LAPFF members, Railpen, F&C, Royal London, AXA join CalPERS in backing ‘Aiming for A’ climate resolution at BP

Big names line up to support innovative AGM motion

Further leading pension funds and asset managers have come out in support of the innovative ‘Aiming for A’ shareholder resolution on climate resilience at BP – with more expected to declare their backing in the run-up to the oil giant’s annual meeting next month.
The motion was coordinated by charity fund manager CCLA and the Local Authority Pension Fund Forum (LAPFF). In addition to the original group of 50 co-filers, pension funds that have revealed their support for the ‘Strategic Resilience for 2035 and Beyond’ proposal now include California giant CalPERS, UK railways pension manager Railpen and the local authority funds of Avon, Cumbria, Greater Gwent (Torfaen), Nottinghamshire and Staffordshire.
Others declaring their support include the Bank of Montreal’s F&C Investments, Royal London Asset Management, the UK’s largest mutual life, pensions and investment company, and AXA Investment Managers, the €623bn fund manager.
The resolution and a similar one at Shell later in the year have been backed by both companies amid growing investor support.

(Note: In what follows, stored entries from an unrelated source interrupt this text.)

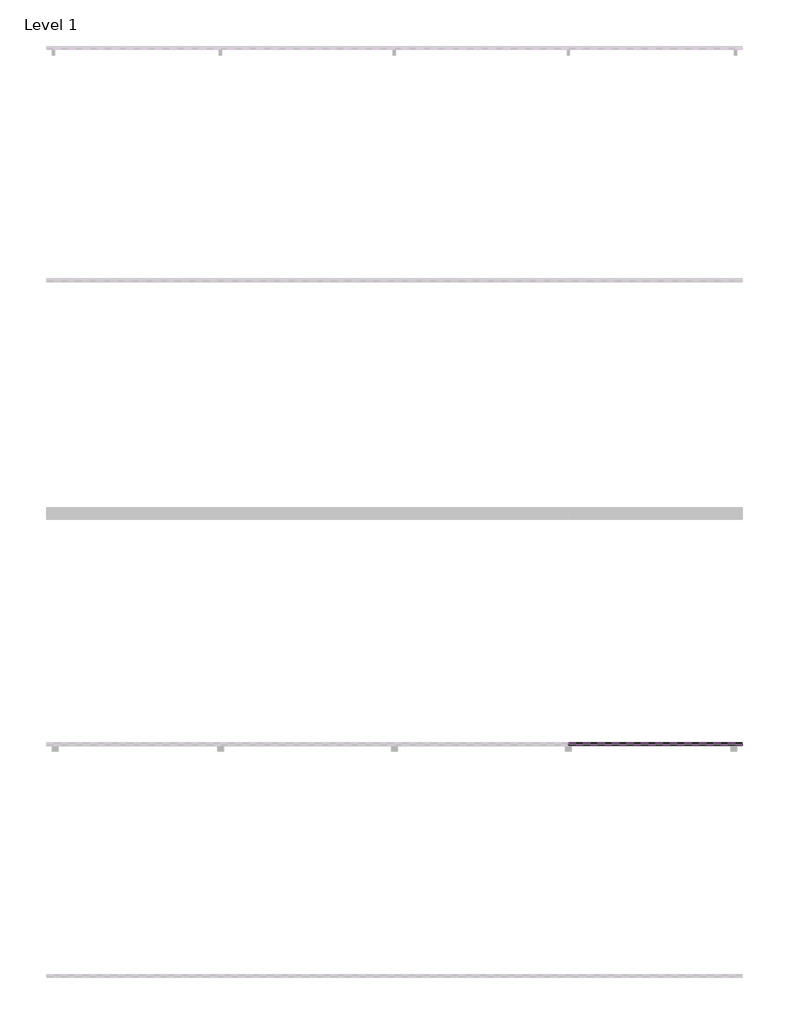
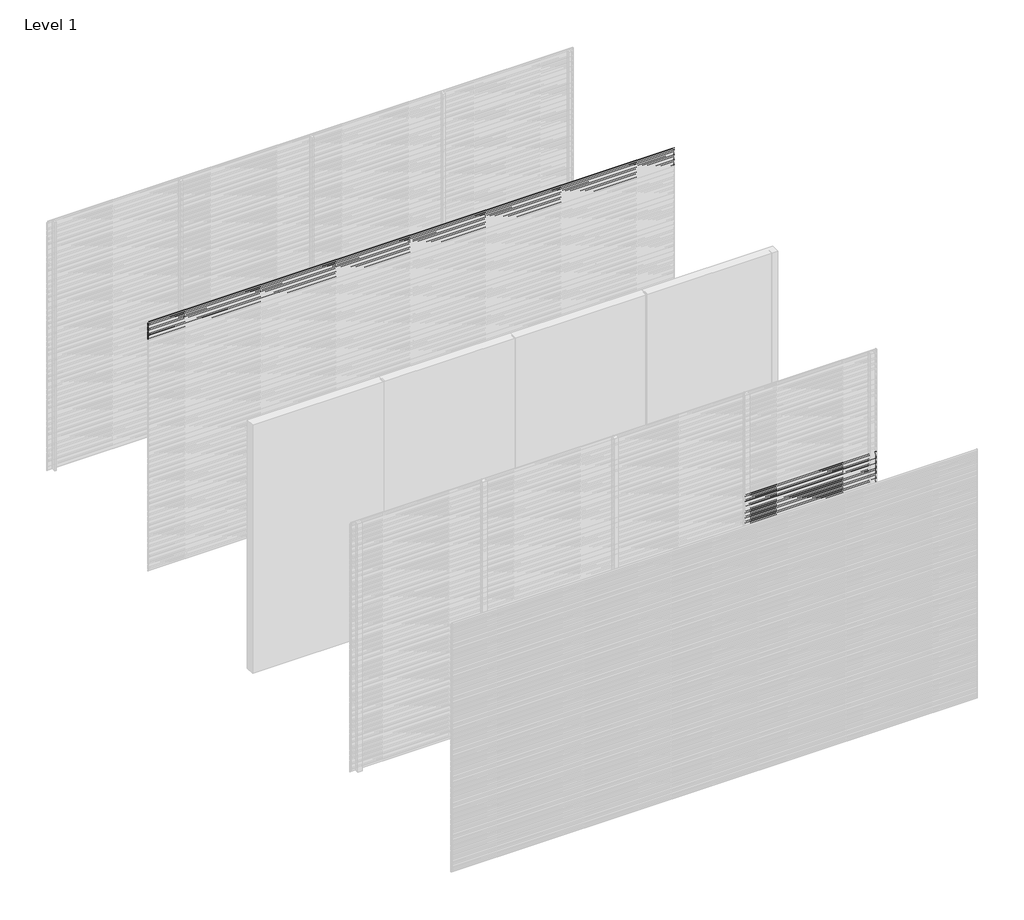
# One storey, part 16 of 31: 99 proxies.
"""IFC4 building model written with IfcOpenShell, lengths in millimetres."""

from ifc_helpers import new_model, si_unit, frame, origin, place, context, project, spatial, polyline, outline, extrude, element, save

model = new_model("IFC4")

# Units and contexts
model_context = context("Model", 3, world=origin())
ifc_project = project(units=[si_unit("LENGTHUNIT", "METRE", prefix="MILLI")], contexts=[model_context])

# Site, building, storey
site = spatial("IfcSite", under=ifc_project)
building = spatial("IfcBuilding", under=site)
storey = spatial("IfcBuildingStorey", under=building, Name="Level 1", Elevation=0.0)

# Proxies
placement = place(None, origin())
element("IfcBuildingElementProxy", 1, Name="Wall Sweeps", at=placement, inside=storey, context=model_context, shape_type="SweptSolid", body=[
    extrude(outline(polyline([(-7995.0, 3000.0), (-7995.0, 2988.942893), (-7976.0, 2973.0), (-7976.0, 2960.0), (-7997.0, 2977.6210923), (-7997.0, 3000.0), (-7995.0, 3000.0)])), frame((0.0, 0.0, 0.0), z_axis=(1.0, 0.0, 0.0), x_axis=(0.0, 1.0, 0.0)), (0.0, 0.0, 1.0), 6000.0),
])
element("IfcBuildingElementProxy", 2, Name="Wall Sweeps", at=placement, inside=storey, context=model_context, shape_type="SweptSolid", body=[
    extrude(outline(polyline([(-7995.0, 2980.0), (-7995.0, 2968.942893), (-7976.0, 2953.0), (-7976.0, 2940.0), (-7997.0, 2957.6210923), (-7997.0, 2980.0), (-7995.0, 2980.0)])), frame((0.0, 0.0, 0.0), z_axis=(1.0, 0.0, 0.0), x_axis=(0.0, 1.0, 0.0)), (0.0, 0.0, 1.0), 6000.0),
])
element("IfcBuildingElementProxy", 3, Name="Wall Sweeps", at=placement, inside=storey, context=model_context, shape_type="SweptSolid", body=[
    extrude(outline(polyline([(-7995.0, 2960.0), (-7995.0, 2948.942893), (-7976.0, 2933.0), (-7976.0, 2920.0), (-7997.0, 2937.6210923), (-7997.0, 2960.0), (-7995.0, 2960.0)])), frame((0.0, 0.0, 0.0), z_axis=(1.0, 0.0, 0.0), x_axis=(0.0, 1.0, 0.0)), (0.0, 0.0, 1.0), 6000.0),
])
element("IfcBuildingElementProxy", 4, Name="Wall Sweeps", at=placement, inside=storey, context=model_context, shape_type="SweptSolid", body=[
    extrude(outline(polyline([(-7995.0, 2940.0), (-7995.0, 2928.942893), (-7976.0, 2913.0), (-7976.0, 2900.0), (-7997.0, 2917.6210923), (-7997.0, 2940.0), (-7995.0, 2940.0)])), frame((0.0, 0.0, 0.0), z_axis=(1.0, 0.0, 0.0), x_axis=(0.0, 1.0, 0.0)), (0.0, 0.0, 1.0), 6000.0),
])
element("IfcBuildingElementProxy", 5, Name="Wall Sweeps", at=placement, inside=storey, context=model_context, shape_type="SweptSolid", body=[
    extrude(outline(polyline([(-7995.0, 2920.0), (-7995.0, 2908.942893), (-7976.0, 2893.0), (-7976.0, 2880.0), (-7997.0, 2897.6210923), (-7997.0, 2920.0), (-7995.0, 2920.0)])), frame((0.0, 0.0, 0.0), z_axis=(1.0, 0.0, 0.0), x_axis=(0.0, 1.0, 0.0)), (0.0, 0.0, 1.0), 6000.0),
])
element("IfcBuildingElementProxy", 6, Name="Wall Sweeps", at=placement, inside=storey, context=model_context, shape_type="SweptSolid", body=[
    extrude(outline(polyline([(-7995.0, 2900.0), (-7995.0, 2888.942893), (-7976.0, 2873.0), (-7976.0, 2860.0), (-7997.0, 2877.6210923), (-7997.0, 2900.0), (-7995.0, 2900.0)])), frame((0.0, 0.0, 0.0), z_axis=(1.0, 0.0, 0.0), x_axis=(0.0, 1.0, 0.0)), (0.0, 0.0, 1.0), 6000.0),
])
element("IfcBuildingElementProxy", 7, Name="Wall Sweeps", at=placement, inside=storey, context=model_context, shape_type="SweptSolid", body=[
    extrude(outline(polyline([(-7995.0, 2880.0), (-7995.0, 2868.942893), (-7976.0, 2853.0), (-7976.0, 2840.0), (-7997.0, 2857.6210923), (-7997.0, 2880.0), (-7995.0, 2880.0)])), frame((0.0, 0.0, 0.0), z_axis=(1.0, 0.0, 0.0), x_axis=(0.0, 1.0, 0.0)), (0.0, 0.0, 1.0), 6000.0),
])
element("IfcBuildingElementProxy", 8, Name="Wall Sweeps", at=placement, inside=storey, context=model_context, shape_type="SweptSolid", body=[
    extrude(outline(polyline([(-7995.0, 2860.0), (-7995.0, 2848.942893), (-7976.0, 2833.0), (-7976.0, 2820.0), (-7997.0, 2837.6210923), (-7997.0, 2860.0), (-7995.0, 2860.0)])), frame((0.0, 0.0, 0.0), z_axis=(1.0, 0.0, 0.0), x_axis=(0.0, 1.0, 0.0)), (0.0, 0.0, 1.0), 6000.0),
])
element("IfcBuildingElementProxy", 9, Name="Wall Sweeps", at=placement, inside=storey, context=model_context, shape_type="SweptSolid", body=[
    extrude(outline(polyline([(-7995.0, 2840.0), (-7995.0, 2828.942893), (-7976.0, 2813.0), (-7976.0, 2800.0), (-7997.0, 2817.6210923), (-7997.0, 2840.0), (-7995.0, 2840.0)])), frame((0.0, 0.0, 0.0), z_axis=(1.0, 0.0, 0.0), x_axis=(0.0, 1.0, 0.0)), (0.0, 0.0, 1.0), 6000.0),
])
element("IfcBuildingElementProxy", 10, Name="Wall Sweeps", at=placement, inside=storey, context=model_context, shape_type="SweptSolid", body=[
    extrude(outline(polyline([(-7995.0, 2820.0), (-7995.0, 2808.942893), (-7976.0, 2793.0), (-7976.0, 2780.0), (-7997.0, 2797.6210923), (-7997.0, 2820.0), (-7995.0, 2820.0)])), frame((0.0, 0.0, 0.0), z_axis=(1.0, 0.0, 0.0), x_axis=(0.0, 1.0, 0.0)), (0.0, 0.0, 1.0), 6000.0),
])
element("IfcBuildingElementProxy", 11, Name="Wall Sweeps", at=placement, inside=storey, context=model_context, shape_type="SweptSolid", body=[
    extrude(outline(polyline([(-11995.0, 1780.0), (-11995.0, 1768.942893), (-11976.0, 1753.0), (-11976.0, 1740.0), (-11997.0, 1757.6210923), (-11997.0, 1780.0), (-11995.0, 1780.0)])), frame((4500.0, 0.0, 0.0), z_axis=(1.0, 0.0, 0.0), x_axis=(0.0, 1.0, 0.0)), (0.0, 0.0, 1.0), 1500.0),
])
element("IfcBuildingElementProxy", 12, Name="Wall Sweeps", at=placement, inside=storey, context=model_context, shape_type="SweptSolid", body=[
    extrude(outline(polyline([(-11995.0, 1760.0), (-11995.0, 1748.942893), (-11976.0, 1733.0), (-11976.0, 1720.0), (-11997.0, 1737.6210923), (-11997.0, 1760.0), (-11995.0, 1760.0)])), frame((4500.0, 0.0, 0.0), z_axis=(1.0, 0.0, 0.0), x_axis=(0.0, 1.0, 0.0)), (0.0, 0.0, 1.0), 1500.0),
])
element("IfcBuildingElementProxy", 13, Name="Wall Sweeps", at=placement, inside=storey, context=model_context, shape_type="SweptSolid", body=[
    extrude(outline(polyline([(-11995.0, 1740.0), (-11995.0, 1728.942893), (-11976.0, 1713.0), (-11976.0, 1700.0), (-11997.0, 1717.6210923), (-11997.0, 1740.0), (-11995.0, 1740.0)])), frame((4500.0, 0.0, 0.0), z_axis=(1.0, 0.0, 0.0), x_axis=(0.0, 1.0, 0.0)), (0.0, 0.0, 1.0), 1500.0),
])
element("IfcBuildingElementProxy", 14, Name="Wall Sweeps", at=placement, inside=storey, context=model_context, shape_type="SweptSolid", body=[
    extrude(outline(polyline([(-11995.0, 1720.0), (-11995.0, 1708.942893), (-11976.0, 1693.0), (-11976.0, 1680.0), (-11997.0, 1697.6210923), (-11997.0, 1720.0), (-11995.0, 1720.0)])), frame((4500.0, 0.0, 0.0), z_axis=(1.0, 0.0, 0.0), x_axis=(0.0, 1.0, 0.0)), (0.0, 0.0, 1.0), 1500.0),
])
element("IfcBuildingElementProxy", 15, Name="Wall Sweeps", at=placement, inside=storey, context=model_context, shape_type="SweptSolid", body=[
    extrude(outline(polyline([(-11995.0, 1700.0), (-11995.0, 1688.942893), (-11976.0, 1673.0), (-11976.0, 1660.0), (-11997.0, 1677.6210923), (-11997.0, 1700.0), (-11995.0, 1700.0)])), frame((4500.0, 0.0, 0.0), z_axis=(1.0, 0.0, 0.0), x_axis=(0.0, 1.0, 0.0)), (0.0, 0.0, 1.0), 1500.0),
])
element("IfcBuildingElementProxy", 16, Name="Wall Sweeps", at=placement, inside=storey, context=model_context, shape_type="SweptSolid", body=[
    extrude(outline(polyline([(-11995.0, 1680.0), (-11995.0, 1668.942893), (-11976.0, 1653.0), (-11976.0, 1640.0), (-11997.0, 1657.6210923), (-11997.0, 1680.0), (-11995.0, 1680.0)])), frame((4500.0, 0.0, 0.0), z_axis=(1.0, 0.0, 0.0), x_axis=(0.0, 1.0, 0.0)), (0.0, 0.0, 1.0), 1500.0),
])
element("IfcBuildingElementProxy", 17, Name="Wall Sweeps", at=placement, inside=storey, context=model_context, shape_type="SweptSolid", body=[
    extrude(outline(polyline([(-11995.0, 1660.0), (-11995.0, 1648.942893), (-11976.0, 1633.0), (-11976.0, 1620.0), (-11997.0, 1637.6210923), (-11997.0, 1660.0), (-11995.0, 1660.0)])), frame((4500.0, 0.0, 0.0), z_axis=(1.0, 0.0, 0.0), x_axis=(0.0, 1.0, 0.0)), (0.0, 0.0, 1.0), 1500.0),
])
element("IfcBuildingElementProxy", 18, Name="Wall Sweeps", at=placement, inside=storey, context=model_context, shape_type="SweptSolid", body=[
    extrude(outline(polyline([(-11995.0, 1640.0), (-11995.0, 1628.942893), (-11976.0, 1613.0), (-11976.0, 1600.0), (-11997.0, 1617.6210923), (-11997.0, 1640.0), (-11995.0, 1640.0)])), frame((4500.0, 0.0, 0.0), z_axis=(1.0, 0.0, 0.0), x_axis=(0.0, 1.0, 0.0)), (0.0, 0.0, 1.0), 1500.0),
])
element("IfcBuildingElementProxy", 19, Name="Wall Sweeps", at=placement, inside=storey, context=model_context, shape_type="SweptSolid", body=[
    extrude(outline(polyline([(-11995.0, 1620.0), (-11995.0, 1608.942893), (-11976.0, 1593.0), (-11976.0, 1580.0), (-11997.0, 1597.6210923), (-11997.0, 1620.0), (-11995.0, 1620.0)])), frame((4500.0, 0.0, 0.0), z_axis=(1.0, 0.0, 0.0), x_axis=(0.0, 1.0, 0.0)), (0.0, 0.0, 1.0), 1500.0),
])
element("IfcBuildingElementProxy", 20, Name="Wall Sweeps", at=placement, inside=storey, context=model_context, shape_type="SweptSolid", body=[
    extrude(outline(polyline([(-11995.0, 1600.0), (-11995.0, 1588.942893), (-11976.0, 1573.0), (-11976.0, 1560.0), (-11997.0, 1577.6210923), (-11997.0, 1600.0), (-11995.0, 1600.0)])), frame((4500.0, 0.0, 0.0), z_axis=(1.0, 0.0, 0.0), x_axis=(0.0, 1.0, 0.0)), (0.0, 0.0, 1.0), 1500.0),
])
element("IfcBuildingElementProxy", 21, Name="Wall Sweeps", at=placement, inside=storey, context=model_context, shape_type="SweptSolid", body=[
    extrude(outline(polyline([(-11995.0, 1580.0), (-11995.0, 1568.942893), (-11976.0, 1553.0), (-11976.0, 1540.0), (-11997.0, 1557.6210923), (-11997.0, 1580.0), (-11995.0, 1580.0)])), frame((4500.0, 0.0, 0.0), z_axis=(1.0, 0.0, 0.0), x_axis=(0.0, 1.0, 0.0)), (0.0, 0.0, 1.0), 1500.0),
])
element("IfcBuildingElementProxy", 22, Name="Wall Sweeps", at=placement, inside=storey, context=model_context, shape_type="SweptSolid", body=[
    extrude(outline(polyline([(-11995.0, 1560.0), (-11995.0, 1548.942893), (-11976.0, 1533.0), (-11976.0, 1520.0), (-11997.0, 1537.6210923), (-11997.0, 1560.0), (-11995.0, 1560.0)])), frame((4500.0, 0.0, 0.0), z_axis=(1.0, 0.0, 0.0), x_axis=(0.0, 1.0, 0.0)), (0.0, 0.0, 1.0), 1500.0),
])
element("IfcBuildingElementProxy", 23, Name="Wall Sweeps", at=placement, inside=storey, context=model_context, shape_type="SweptSolid", body=[
    extrude(outline(polyline([(-11995.0, 1540.0), (-11995.0, 1528.942893), (-11976.0, 1513.0), (-11976.0, 1500.0), (-11997.0, 1517.6210923), (-11997.0, 1540.0), (-11995.0, 1540.0)])), frame((4500.0, 0.0, 0.0), z_axis=(1.0, 0.0, 0.0), x_axis=(0.0, 1.0, 0.0)), (0.0, 0.0, 1.0), 1500.0),
])
element("IfcBuildingElementProxy", 24, Name="Wall Sweeps", at=placement, inside=storey, context=model_context, shape_type="SweptSolid", body=[
    extrude(outline(polyline([(-11995.0, 1520.0), (-11995.0, 1508.942893), (-11976.0, 1493.0), (-11976.0, 1480.0), (-11997.0, 1497.6210923), (-11997.0, 1520.0), (-11995.0, 1520.0)])), frame((4500.0, 0.0, 0.0), z_axis=(1.0, 0.0, 0.0), x_axis=(0.0, 1.0, 0.0)), (0.0, 0.0, 1.0), 1500.0),
])
element("IfcBuildingElementProxy", 25, Name="Wall Sweeps", at=placement, inside=storey, context=model_context, shape_type="SweptSolid", body=[
    extrude(outline(polyline([(-11995.0, 1500.0), (-11995.0, 1488.942893), (-11976.0, 1473.0), (-11976.0, 1460.0), (-11997.0, 1477.6210923), (-11997.0, 1500.0), (-11995.0, 1500.0)])), frame((4500.0, 0.0, 0.0), z_axis=(1.0, 0.0, 0.0), x_axis=(0.0, 1.0, 0.0)), (0.0, 0.0, 1.0), 1500.0),
])
element("IfcBuildingElementProxy", 26, Name="Wall Sweeps", at=placement, inside=storey, context=model_context, shape_type="SweptSolid", body=[
    extrude(outline(polyline([(-11995.0, 1480.0), (-11995.0, 1468.942893), (-11976.0, 1453.0), (-11976.0, 1440.0), (-11997.0, 1457.6210923), (-11997.0, 1480.0), (-11995.0, 1480.0)])), frame((4500.0, 0.0, 0.0), z_axis=(1.0, 0.0, 0.0), x_axis=(0.0, 1.0, 0.0)), (0.0, 0.0, 1.0), 1500.0),
])
element("IfcBuildingElementProxy", 27, Name="Wall Sweeps", at=placement, inside=storey, context=model_context, shape_type="SweptSolid", body=[
    extrude(outline(polyline([(-11995.0, 1460.0), (-11995.0, 1448.942893), (-11976.0, 1433.0), (-11976.0, 1420.0), (-11997.0, 1437.6210923), (-11997.0, 1460.0), (-11995.0, 1460.0)])), frame((4500.0, 0.0, 0.0), z_axis=(1.0, 0.0, 0.0), x_axis=(0.0, 1.0, 0.0)), (0.0, 0.0, 1.0), 1500.0),
])
element("IfcBuildingElementProxy", 28, Name="Wall Sweeps", at=placement, inside=storey, context=model_context, shape_type="SweptSolid", body=[
    extrude(outline(polyline([(-11995.0, 1440.0), (-11995.0, 1428.942893), (-11976.0, 1413.0), (-11976.0, 1400.0), (-11997.0, 1417.6210923), (-11997.0, 1440.0), (-11995.0, 1440.0)])), frame((4500.0, 0.0, 0.0), z_axis=(1.0, 0.0, 0.0), x_axis=(0.0, 1.0, 0.0)), (0.0, 0.0, 1.0), 1500.0),
])
element("IfcBuildingElementProxy", 29, Name="Wall Sweeps", at=placement, inside=storey, context=model_context, shape_type="SweptSolid", body=[
    extrude(outline(polyline([(-11995.0, 1420.0), (-11995.0, 1408.942893), (-11976.0, 1393.0), (-11976.0, 1380.0), (-11997.0, 1397.6210923), (-11997.0, 1420.0), (-11995.0, 1420.0)])), frame((4500.0, 0.0, 0.0), z_axis=(1.0, 0.0, 0.0), x_axis=(0.0, 1.0, 0.0)), (0.0, 0.0, 1.0), 1500.0),
])
element("IfcBuildingElementProxy", 30, Name="Wall Sweeps", at=placement, inside=storey, context=model_context, shape_type="SweptSolid", body=[
    extrude(outline(polyline([(-11995.0, 1400.0), (-11995.0, 1388.942893), (-11976.0, 1373.0), (-11976.0, 1360.0), (-11997.0, 1377.6210923), (-11997.0, 1400.0), (-11995.0, 1400.0)])), frame((4500.0, 0.0, 0.0), z_axis=(1.0, 0.0, 0.0), x_axis=(0.0, 1.0, 0.0)), (0.0, 0.0, 1.0), 1500.0),
])
element("IfcBuildingElementProxy", 31, Name="Wall Sweeps", at=placement, inside=storey, context=model_context, shape_type="SweptSolid", body=[
    extrude(outline(polyline([(-11995.0, 1380.0), (-11995.0, 1368.942893), (-11976.0, 1353.0), (-11976.0, 1340.0), (-11997.0, 1357.6210923), (-11997.0, 1380.0), (-11995.0, 1380.0)])), frame((4500.0, 0.0, 0.0), z_axis=(1.0, 0.0, 0.0), x_axis=(0.0, 1.0, 0.0)), (0.0, 0.0, 1.0), 1500.0),
])
element("IfcBuildingElementProxy", 32, Name="Wall Sweeps", at=placement, inside=storey, context=model_context, shape_type="SweptSolid", body=[
    extrude(outline(polyline([(-11995.0, 1360.0), (-11995.0, 1348.942893), (-11976.0, 1333.0), (-11976.0, 1320.0), (-11997.0, 1337.6210923), (-11997.0, 1360.0), (-11995.0, 1360.0)])), frame((4500.0, 0.0, 0.0), z_axis=(1.0, 0.0, 0.0), x_axis=(0.0, 1.0, 0.0)), (0.0, 0.0, 1.0), 1500.0),
])
element("IfcBuildingElementProxy", 33, Name="Wall Sweeps", at=placement, inside=storey, context=model_context, shape_type="SweptSolid", body=[
    extrude(outline(polyline([(-11995.0, 1340.0), (-11995.0, 1328.942893), (-11976.0, 1313.0), (-11976.0, 1300.0), (-11997.0, 1317.6210923), (-11997.0, 1340.0), (-11995.0, 1340.0)])), frame((4500.0, 0.0, 0.0), z_axis=(1.0, 0.0, 0.0), x_axis=(0.0, 1.0, 0.0)), (0.0, 0.0, 1.0), 1500.0),
])
element("IfcBuildingElementProxy", 34, Name="Wall Sweeps", at=placement, inside=storey, context=model_context, shape_type="SweptSolid", body=[
    extrude(outline(polyline([(-11995.0, 1320.0), (-11995.0, 1308.942893), (-11976.0, 1293.0), (-11976.0, 1280.0), (-11997.0, 1297.6210923), (-11997.0, 1320.0), (-11995.0, 1320.0)])), frame((4500.0, 0.0, 0.0), z_axis=(1.0, 0.0, 0.0), x_axis=(0.0, 1.0, 0.0)), (0.0, 0.0, 1.0), 1500.0),
])
element("IfcBuildingElementProxy", 35, Name="Wall Sweeps", at=placement, inside=storey, context=model_context, shape_type="SweptSolid", body=[
    extrude(outline(polyline([(-11995.0, 1300.0), (-11995.0, 1288.942893), (-11976.0, 1273.0), (-11976.0, 1260.0), (-11997.0, 1277.6210923), (-11997.0, 1300.0), (-11995.0, 1300.0)])), frame((4500.0, 0.0, 0.0), z_axis=(1.0, 0.0, 0.0), x_axis=(0.0, 1.0, 0.0)), (0.0, 0.0, 1.0), 1500.0),
])
element("IfcBuildingElementProxy", 36, Name="Wall Sweeps", at=placement, inside=storey, context=model_context, shape_type="SweptSolid", body=[
    extrude(outline(polyline([(-11995.0, 1280.0), (-11995.0, 1268.942893), (-11976.0, 1253.0), (-11976.0, 1240.0), (-11997.0, 1257.6210923), (-11997.0, 1280.0), (-11995.0, 1280.0)])), frame((4500.0, 0.0, 0.0), z_axis=(1.0, 0.0, 0.0), x_axis=(0.0, 1.0, 0.0)), (0.0, 0.0, 1.0), 1500.0),
])
element("IfcBuildingElementProxy", 37, Name="Wall Sweeps", at=placement, inside=storey, context=model_context, shape_type="SweptSolid", body=[
    extrude(outline(polyline([(-11995.0, 1260.0), (-11995.0, 1248.942893), (-11976.0, 1233.0), (-11976.0, 1220.0), (-11997.0, 1237.6210923), (-11997.0, 1260.0), (-11995.0, 1260.0)])), frame((4500.0, 0.0, 0.0), z_axis=(1.0, 0.0, 0.0), x_axis=(0.0, 1.0, 0.0)), (0.0, 0.0, 1.0), 1500.0),
])
element("IfcBuildingElementProxy", 38, Name="Wall Sweeps", at=placement, inside=storey, context=model_context, shape_type="SweptSolid", body=[
    extrude(outline(polyline([(-11995.0, 1240.0), (-11995.0, 1228.942893), (-11976.0, 1213.0), (-11976.0, 1200.0), (-11997.0, 1217.6210923), (-11997.0, 1240.0), (-11995.0, 1240.0)])), frame((4500.0, 0.0, 0.0), z_axis=(1.0, 0.0, 0.0), x_axis=(0.0, 1.0, 0.0)), (0.0, 0.0, 1.0), 1500.0),
])
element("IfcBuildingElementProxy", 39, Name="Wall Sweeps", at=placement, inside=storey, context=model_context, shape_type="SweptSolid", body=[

CalPERS’ Portfolio Manager Bill McGrew, who is leading North American investor outreach ahead of the BP meeting as a member of the Investor Network on Climate Risk (INCR), said: “CalPERS applauds BP and the board’s leadership and commitment to greater disclosure around climate change and the company’s environmental practices.” BP’s decision was “the example for companies to follow”. He will be one of the pension fund representatives attending the AGM in London on April 16.
Vicki Bakhshi, Head of Governance & Sustainable Investment at F&C, said oil and gas companies were facing a “fundamental challenge” in ensuring that their business models are resilient to an increasingly decarbonised economy. The declaration comes after F&C launched its latest responsible investment report, which signalled a new focus on climate change.
AXA IM’s Matt Christensen, Global Head of Responsible Investment, said the Aiming for A coalition aligns with its view that company management, directors and investors all have “critical yet unique” roles in sustaining the health of financial markets and ensuring the efficient allocation of capital.Voting declarations from other major European insurance companies are expected by the end of the month.
Helen Wildsmith, Head of Ethical & Responsible Investment at CCLA, who convened the investor coalition, said she was “delighted that asset owners and fund managers are joining the BP board in publicly declaring their support for our resolution”.
“As I noted in my recent Op Ed, the input I received from the company and some of its largest investors was invaluable in producing a resolution that is helping trigger co-leadership in this critical year for the climate.”
The filers have been assisted by environmental law group ClientEarth, and Barrister [lawyer] Elspeth Owens said the BP and Shell resolutions “continue to trigger unprecedented behaviour, which bodes well for the future of climate stewardship”. Catherine Howarth, CEO at campaign group ShareAction said the project was “energising” its network of pension fund beneficiaries and charity investors.
The latest update comes as BP has reportedly
become the latest major corporate to withdraw its support from US conservative political group ALEC, the American Legislative Exchange Council.
Meanwhile, in the US, investors will get a chance to vote on carbon risk at New York-listed Anadarko Petroleum, according to the Texas based-giant’s newly released proxy materials.
A shareholder proposal filed by the Connecticut Retirement Plans and Trust Funds and the Park Foundation is calling for the company to report on its strategy to address the risk of “stranded assets presented by global climate change”. The shareholder proponents want the report to evaluate a range of low-carbon, low-demand scenarios, “including a scenario in which two thirds of reserves cannot be monetized” as well as assess returning capital to shareholders.
Anadarko’s board is resisting the proposal, saying it annually reports climate-related risks and opportunities to the CDP and that it believes the risks it faces from low carbon, low-demand scenarios is “minimal” and that a report would be “unnecessary and unproductive”. Anadarko holds its AGM on May 12.